EXERCISE REQUIREMENTS:
The answer must be every line of the records below that contains the word "sizes".

Data extracted from a collection:
..............................

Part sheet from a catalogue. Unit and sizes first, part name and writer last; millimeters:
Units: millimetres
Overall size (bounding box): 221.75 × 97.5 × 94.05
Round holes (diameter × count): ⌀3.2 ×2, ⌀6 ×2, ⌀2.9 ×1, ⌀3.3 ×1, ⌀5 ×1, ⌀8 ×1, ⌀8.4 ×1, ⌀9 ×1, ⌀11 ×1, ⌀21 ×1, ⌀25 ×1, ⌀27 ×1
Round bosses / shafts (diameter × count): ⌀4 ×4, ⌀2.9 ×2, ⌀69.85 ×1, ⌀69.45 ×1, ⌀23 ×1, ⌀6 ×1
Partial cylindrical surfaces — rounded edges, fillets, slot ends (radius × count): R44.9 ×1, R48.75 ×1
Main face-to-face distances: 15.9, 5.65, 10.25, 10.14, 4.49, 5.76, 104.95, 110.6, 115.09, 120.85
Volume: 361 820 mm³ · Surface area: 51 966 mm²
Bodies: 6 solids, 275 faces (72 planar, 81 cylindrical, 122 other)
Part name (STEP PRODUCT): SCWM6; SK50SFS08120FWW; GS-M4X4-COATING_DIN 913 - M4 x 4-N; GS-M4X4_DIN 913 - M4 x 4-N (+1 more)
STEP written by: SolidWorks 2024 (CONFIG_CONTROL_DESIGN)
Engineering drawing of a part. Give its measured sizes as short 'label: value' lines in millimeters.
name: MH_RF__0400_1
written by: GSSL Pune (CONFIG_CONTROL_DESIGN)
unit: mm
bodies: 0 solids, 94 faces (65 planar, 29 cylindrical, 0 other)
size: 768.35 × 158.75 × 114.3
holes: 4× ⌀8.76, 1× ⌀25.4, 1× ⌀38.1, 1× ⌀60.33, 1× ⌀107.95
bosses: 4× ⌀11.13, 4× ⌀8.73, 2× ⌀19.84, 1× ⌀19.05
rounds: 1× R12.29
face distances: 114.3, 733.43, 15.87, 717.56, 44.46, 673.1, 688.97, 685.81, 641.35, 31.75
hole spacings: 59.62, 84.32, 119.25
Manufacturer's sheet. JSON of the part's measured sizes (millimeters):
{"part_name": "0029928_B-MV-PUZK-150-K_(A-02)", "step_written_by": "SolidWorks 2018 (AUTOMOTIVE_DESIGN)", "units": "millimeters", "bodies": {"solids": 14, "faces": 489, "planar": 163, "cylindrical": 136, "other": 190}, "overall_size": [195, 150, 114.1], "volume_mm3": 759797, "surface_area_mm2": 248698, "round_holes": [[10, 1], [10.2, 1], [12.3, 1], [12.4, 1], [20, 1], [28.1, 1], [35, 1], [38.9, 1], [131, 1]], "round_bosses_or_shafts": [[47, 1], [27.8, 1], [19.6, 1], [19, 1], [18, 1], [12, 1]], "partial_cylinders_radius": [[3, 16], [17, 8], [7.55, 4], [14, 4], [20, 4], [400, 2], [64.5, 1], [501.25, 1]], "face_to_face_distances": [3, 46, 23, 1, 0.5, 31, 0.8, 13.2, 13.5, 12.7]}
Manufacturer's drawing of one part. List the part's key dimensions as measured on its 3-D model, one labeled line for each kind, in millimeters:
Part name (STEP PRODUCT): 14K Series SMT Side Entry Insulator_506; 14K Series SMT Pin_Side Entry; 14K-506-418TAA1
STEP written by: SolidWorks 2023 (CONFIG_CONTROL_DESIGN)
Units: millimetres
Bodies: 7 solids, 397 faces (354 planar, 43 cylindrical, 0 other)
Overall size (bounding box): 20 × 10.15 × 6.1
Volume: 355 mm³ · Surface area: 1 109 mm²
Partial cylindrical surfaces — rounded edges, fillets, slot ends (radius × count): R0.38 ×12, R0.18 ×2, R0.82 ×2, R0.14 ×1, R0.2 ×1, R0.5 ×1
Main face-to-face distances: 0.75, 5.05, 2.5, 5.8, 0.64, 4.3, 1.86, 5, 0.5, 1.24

..............................

SOLUTION:
Part sheet from a catalogue. Unit and sizes first, part name and writer last; millimeters:
Engineering drawing of a part. Give its measured sizes as short 'label: value' lines in millimeters.
Manufacturer's sheet. JSON of the part's measured sizes (millimeters):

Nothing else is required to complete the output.